Article 26 Miscellaneous.
The Fund and Investor Services Group agree that the obligations of the
Fund under the Agreement shall not be binding upon any of the Board of
Directors, shareholders, nominees, officers, employees or agents, whether past,
present or future, of the Fund individually, but are binding only upon the
assets and property of the Fund, as provided in the Articles of Incorporation.
The execution and delivery of this Agreement have been authorized by the Board
of Directors of the Fund, and signed by an authorized officer of the Fund,
acting as such, and neither such authorization by such Board of Directors nor
such execution and delivery by such officer shall be deemed to have been made by
any of them or any shareholder of the Fund individually or to impose any
liability on any of them or any shareholder of the Fund personally, but shall
bind only the assets and property of the Fund as provided in the Articles of
Incorporation.
IN WITNESS WHEREOF, the parties hereto have caused this Agreement to be
executed by their duly authorized officers, as of the day and year first above
written.
UNDISCOVERED MANAGERS FUNDS
By:________________________________________
Title:_____________________________________
FIRST DATA INVESTOR SERVICES GROUP, INC.
By:________________________________________
Title:_____________________________________
Exhibit 1
LIST OF PORTFOLIOS
Undiscovered Managers All Cap Fund
Undiscovered Managers Behavioral Growth Fund
Undiscovered Managers Core Equity Fund
Undiscovered Managers Hidden Value Fund
Undiscovered Managers REIT Fund
Undiscovered Managers Small Cap Value Fund
Undiscovered Managers Special Small Cap Fund
Schedule A
DUTIES OF INVESTOR SERVICES GROUP
1. Shareholder Information.

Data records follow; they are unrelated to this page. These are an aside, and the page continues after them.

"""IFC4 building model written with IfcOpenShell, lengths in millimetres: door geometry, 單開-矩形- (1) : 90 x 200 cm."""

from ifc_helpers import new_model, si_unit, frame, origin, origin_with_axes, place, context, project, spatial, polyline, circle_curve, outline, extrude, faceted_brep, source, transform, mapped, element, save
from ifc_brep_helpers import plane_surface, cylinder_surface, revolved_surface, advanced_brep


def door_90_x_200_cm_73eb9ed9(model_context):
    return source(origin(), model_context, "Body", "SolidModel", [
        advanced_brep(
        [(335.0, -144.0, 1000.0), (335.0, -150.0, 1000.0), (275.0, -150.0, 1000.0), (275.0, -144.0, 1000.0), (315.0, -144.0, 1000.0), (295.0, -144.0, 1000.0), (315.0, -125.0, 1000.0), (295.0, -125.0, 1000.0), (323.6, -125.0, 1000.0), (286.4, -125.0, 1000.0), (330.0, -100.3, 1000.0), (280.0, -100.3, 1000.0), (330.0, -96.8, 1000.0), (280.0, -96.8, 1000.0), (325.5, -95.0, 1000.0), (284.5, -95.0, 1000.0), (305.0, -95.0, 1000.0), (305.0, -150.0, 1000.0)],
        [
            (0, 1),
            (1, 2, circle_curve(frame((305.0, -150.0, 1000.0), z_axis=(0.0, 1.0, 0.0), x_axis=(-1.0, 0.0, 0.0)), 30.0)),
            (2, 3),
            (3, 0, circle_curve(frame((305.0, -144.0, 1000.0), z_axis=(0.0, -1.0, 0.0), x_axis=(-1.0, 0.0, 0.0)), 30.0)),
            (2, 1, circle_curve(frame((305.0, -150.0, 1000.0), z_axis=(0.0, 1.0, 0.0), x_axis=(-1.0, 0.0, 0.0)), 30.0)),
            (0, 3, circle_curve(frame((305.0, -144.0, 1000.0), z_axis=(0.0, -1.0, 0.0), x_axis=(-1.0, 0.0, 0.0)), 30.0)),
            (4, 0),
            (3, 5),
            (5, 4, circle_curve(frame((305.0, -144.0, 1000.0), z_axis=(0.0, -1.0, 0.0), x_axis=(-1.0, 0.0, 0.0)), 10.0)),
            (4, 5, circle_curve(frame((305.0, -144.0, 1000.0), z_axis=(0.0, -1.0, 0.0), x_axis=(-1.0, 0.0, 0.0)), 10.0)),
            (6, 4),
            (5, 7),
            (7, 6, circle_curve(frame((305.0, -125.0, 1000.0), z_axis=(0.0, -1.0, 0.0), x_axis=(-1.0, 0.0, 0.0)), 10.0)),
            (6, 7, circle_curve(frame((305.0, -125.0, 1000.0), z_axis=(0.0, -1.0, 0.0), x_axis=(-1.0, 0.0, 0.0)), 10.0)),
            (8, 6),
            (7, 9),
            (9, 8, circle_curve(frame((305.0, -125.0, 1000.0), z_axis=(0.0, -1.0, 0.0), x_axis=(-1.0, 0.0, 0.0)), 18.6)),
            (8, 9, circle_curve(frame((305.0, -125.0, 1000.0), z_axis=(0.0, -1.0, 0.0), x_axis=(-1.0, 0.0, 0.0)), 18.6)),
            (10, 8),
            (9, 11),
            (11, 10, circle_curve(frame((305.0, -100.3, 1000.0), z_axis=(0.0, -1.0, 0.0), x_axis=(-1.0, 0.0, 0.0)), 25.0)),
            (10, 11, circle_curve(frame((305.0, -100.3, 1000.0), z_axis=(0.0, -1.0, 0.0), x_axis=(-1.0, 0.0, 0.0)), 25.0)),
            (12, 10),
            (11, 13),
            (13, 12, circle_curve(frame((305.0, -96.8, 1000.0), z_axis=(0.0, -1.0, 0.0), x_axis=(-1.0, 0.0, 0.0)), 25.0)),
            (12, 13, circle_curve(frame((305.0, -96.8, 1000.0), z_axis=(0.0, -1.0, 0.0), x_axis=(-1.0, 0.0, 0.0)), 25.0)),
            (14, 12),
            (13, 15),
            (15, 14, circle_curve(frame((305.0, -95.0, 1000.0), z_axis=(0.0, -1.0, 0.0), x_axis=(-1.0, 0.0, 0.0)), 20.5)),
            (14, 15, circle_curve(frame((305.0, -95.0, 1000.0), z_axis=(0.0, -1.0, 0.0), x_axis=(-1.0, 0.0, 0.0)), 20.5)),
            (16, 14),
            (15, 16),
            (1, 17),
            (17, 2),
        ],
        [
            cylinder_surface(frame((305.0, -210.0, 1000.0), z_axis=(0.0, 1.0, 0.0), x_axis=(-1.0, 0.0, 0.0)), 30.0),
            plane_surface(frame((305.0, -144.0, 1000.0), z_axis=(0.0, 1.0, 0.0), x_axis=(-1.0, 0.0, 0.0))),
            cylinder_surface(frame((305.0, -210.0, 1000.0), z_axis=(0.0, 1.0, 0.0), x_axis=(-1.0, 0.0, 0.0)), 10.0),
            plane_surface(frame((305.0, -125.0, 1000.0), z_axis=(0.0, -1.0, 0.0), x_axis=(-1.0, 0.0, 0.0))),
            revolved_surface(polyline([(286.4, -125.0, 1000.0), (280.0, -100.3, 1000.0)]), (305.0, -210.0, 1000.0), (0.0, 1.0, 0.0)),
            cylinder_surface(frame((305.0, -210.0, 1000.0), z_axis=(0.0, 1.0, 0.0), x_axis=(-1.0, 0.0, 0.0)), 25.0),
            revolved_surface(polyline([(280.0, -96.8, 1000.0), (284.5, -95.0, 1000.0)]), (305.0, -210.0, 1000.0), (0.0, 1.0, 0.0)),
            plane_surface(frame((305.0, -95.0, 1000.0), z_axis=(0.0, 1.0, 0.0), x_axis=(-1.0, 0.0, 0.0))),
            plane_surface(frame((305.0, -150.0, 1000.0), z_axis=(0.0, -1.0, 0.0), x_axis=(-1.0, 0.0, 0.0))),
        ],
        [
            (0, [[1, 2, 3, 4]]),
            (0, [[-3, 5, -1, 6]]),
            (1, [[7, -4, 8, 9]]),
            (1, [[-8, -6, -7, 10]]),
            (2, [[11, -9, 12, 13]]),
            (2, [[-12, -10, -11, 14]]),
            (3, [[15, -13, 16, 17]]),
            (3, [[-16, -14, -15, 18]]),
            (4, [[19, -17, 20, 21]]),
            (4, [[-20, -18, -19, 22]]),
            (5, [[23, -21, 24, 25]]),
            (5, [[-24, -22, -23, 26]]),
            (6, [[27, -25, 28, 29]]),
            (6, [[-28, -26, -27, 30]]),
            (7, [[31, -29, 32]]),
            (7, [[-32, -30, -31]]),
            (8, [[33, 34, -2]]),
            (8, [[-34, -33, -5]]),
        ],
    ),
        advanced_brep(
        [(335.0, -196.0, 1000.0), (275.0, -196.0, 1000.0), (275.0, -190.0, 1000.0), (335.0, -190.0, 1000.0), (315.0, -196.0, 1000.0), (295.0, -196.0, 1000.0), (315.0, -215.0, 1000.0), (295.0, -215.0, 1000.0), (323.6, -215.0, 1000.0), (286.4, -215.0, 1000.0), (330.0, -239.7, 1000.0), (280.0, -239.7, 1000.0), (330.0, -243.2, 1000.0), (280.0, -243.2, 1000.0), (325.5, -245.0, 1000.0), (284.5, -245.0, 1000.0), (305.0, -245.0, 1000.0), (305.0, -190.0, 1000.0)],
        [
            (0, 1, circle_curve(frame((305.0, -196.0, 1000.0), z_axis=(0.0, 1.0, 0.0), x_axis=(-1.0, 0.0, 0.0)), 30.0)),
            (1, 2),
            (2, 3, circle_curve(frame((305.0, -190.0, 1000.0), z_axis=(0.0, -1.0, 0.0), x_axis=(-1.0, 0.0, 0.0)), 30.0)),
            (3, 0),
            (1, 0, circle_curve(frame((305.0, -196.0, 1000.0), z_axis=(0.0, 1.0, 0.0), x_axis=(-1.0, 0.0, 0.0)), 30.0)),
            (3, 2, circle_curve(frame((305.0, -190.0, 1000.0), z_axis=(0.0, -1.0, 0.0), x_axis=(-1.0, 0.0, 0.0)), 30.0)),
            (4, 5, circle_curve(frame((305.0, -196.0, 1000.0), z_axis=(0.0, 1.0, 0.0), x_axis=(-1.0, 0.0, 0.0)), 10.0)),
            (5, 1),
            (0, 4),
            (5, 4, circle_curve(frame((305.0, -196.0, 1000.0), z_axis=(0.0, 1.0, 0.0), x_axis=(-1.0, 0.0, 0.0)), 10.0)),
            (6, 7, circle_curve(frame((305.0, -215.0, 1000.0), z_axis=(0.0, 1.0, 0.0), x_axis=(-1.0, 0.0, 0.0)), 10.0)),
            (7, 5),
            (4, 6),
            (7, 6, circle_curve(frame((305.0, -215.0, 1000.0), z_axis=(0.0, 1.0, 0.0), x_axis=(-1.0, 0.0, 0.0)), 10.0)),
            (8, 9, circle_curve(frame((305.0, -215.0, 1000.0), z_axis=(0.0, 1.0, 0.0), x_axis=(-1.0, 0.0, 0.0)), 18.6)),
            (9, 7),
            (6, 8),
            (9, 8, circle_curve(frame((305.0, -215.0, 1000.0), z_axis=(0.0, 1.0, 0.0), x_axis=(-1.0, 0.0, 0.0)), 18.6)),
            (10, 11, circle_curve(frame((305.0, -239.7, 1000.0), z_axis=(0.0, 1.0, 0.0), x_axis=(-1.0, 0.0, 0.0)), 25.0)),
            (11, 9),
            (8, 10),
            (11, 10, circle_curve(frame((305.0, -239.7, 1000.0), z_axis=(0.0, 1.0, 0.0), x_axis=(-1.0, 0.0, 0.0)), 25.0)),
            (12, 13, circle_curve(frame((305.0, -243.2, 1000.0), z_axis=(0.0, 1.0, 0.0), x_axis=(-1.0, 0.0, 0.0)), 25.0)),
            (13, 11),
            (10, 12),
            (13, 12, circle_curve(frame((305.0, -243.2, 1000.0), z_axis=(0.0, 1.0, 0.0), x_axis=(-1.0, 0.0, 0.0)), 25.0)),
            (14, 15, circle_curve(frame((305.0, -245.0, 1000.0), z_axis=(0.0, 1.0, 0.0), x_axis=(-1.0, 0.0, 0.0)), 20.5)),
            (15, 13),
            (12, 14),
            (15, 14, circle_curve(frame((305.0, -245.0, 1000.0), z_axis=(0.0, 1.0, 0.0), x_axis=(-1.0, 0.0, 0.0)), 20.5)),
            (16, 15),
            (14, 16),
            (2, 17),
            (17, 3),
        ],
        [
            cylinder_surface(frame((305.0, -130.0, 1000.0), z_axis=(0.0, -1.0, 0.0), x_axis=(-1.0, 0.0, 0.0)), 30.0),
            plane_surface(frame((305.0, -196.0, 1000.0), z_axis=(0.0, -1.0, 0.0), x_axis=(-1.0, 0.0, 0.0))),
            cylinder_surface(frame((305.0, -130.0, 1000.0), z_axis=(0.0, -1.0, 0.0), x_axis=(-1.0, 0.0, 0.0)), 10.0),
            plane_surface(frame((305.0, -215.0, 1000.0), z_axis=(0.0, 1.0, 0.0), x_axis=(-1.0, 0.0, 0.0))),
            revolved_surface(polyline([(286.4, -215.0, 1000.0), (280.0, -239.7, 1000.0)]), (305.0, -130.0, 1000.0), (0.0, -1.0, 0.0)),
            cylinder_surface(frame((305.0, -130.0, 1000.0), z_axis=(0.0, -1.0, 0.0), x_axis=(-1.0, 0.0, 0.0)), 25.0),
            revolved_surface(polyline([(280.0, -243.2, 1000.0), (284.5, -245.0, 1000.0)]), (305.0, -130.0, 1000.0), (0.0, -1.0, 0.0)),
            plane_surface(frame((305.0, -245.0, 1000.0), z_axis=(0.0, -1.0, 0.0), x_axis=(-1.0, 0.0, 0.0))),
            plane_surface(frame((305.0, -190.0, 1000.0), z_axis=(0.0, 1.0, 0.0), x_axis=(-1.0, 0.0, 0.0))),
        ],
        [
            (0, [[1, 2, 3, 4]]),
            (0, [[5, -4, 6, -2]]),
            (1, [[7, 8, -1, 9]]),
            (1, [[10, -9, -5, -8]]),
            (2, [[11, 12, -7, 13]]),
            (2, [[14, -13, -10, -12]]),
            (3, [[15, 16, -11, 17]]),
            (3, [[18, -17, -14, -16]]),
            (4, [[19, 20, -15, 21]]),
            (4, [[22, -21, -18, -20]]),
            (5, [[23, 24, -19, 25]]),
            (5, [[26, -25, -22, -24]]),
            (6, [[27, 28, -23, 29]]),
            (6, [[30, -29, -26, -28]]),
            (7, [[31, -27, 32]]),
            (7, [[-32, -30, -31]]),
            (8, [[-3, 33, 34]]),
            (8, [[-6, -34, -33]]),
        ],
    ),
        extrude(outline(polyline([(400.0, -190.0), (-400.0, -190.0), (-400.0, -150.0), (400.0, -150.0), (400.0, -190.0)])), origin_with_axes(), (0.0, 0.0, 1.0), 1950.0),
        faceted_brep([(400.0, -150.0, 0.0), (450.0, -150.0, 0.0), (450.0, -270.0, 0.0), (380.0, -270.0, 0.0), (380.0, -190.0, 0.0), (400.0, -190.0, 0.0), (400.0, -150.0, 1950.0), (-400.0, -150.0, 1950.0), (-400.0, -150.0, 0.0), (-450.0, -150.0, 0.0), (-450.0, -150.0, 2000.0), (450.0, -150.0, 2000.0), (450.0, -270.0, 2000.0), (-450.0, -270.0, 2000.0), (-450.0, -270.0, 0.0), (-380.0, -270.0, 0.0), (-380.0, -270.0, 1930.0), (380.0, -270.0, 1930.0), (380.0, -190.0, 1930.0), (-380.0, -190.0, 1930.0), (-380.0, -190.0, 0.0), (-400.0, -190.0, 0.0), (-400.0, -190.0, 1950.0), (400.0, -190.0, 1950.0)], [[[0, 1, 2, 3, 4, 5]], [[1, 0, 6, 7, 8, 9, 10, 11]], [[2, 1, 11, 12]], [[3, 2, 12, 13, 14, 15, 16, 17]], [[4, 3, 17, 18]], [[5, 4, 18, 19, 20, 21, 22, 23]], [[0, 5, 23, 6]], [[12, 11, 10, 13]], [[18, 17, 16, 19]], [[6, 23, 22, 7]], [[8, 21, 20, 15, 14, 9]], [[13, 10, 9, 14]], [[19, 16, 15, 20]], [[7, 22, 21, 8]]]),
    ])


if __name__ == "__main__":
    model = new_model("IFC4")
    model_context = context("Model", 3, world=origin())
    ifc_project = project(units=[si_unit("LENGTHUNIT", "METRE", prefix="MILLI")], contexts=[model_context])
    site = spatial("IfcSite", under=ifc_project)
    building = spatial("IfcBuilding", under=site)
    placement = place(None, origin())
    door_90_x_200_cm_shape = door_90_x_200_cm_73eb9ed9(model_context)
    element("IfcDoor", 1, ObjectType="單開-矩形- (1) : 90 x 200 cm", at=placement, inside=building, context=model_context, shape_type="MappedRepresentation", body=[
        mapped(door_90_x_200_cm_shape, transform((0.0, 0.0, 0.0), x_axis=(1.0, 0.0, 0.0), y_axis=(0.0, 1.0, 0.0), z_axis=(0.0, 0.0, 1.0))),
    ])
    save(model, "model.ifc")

Investor Services Group shall maintain a
record of the number of Shares held by each Shareholder of record which shall
include name, address, taxpayer identification and which shall indicate whether
such Shares are held in certificates or uncertificated form.
2. Shareholder Services. Investor Services Group shall provide the
following shareholder services to the Fund: (i) respond as appropriate to all
inquiries and communications from Shareholders relating to Shareholder accounts
with respect to its duties hereunder and as may be from time to time mutually
agreed upon between Investor Services Group and the Fund; (ii) issue customer
statements on scheduled cycles, providing duplicate second and third party
copies if required; (iii) issue periodic statements to shareholders; (iv) make
information available to appropriate shareholder servicing personnel and other
remote access units, if applicable, regarding trade date, share price, current
holdings, yields and dividend information; and (v) produce detailed history of
transactions through duplicate or special order statements upon request.
3. Share Certificates.
(a) At the expense of the Fund, the Fund shall supply Investor
Services Group with an adequate supply of blank share certificates to meet
Investor Services Group requirements therefor. Such Share certificates shall be
properly signed by facsimile. The Fund agrees that, notwithstanding the death,
resignation, or removal of any officer of the Fund whose signature appears on
such certificates, Investor Services Group or its agent may continue to
countersign certificates which bear such signatures until otherwise directed by
Written Instructions.
(b) Investor Services Group shall issue replacement Share
certificates in lieu of certificates which have been lost, stolen or destroyed,
upon receipt by Investor Services Group of properly executed affidavits and lost
certificate bonds, in form satisfactory to Investor Services Group, with the
Fund and Investor Services Group as obligees under the bond.
(c) Investor Services Group shall also maintain a record of
each certificate issued, the number of Shares represented thereby and the
Shareholder of record. With respect to Shares held in open accounts or
uncertificated form (i.e., no certificate being issued with respect thereto)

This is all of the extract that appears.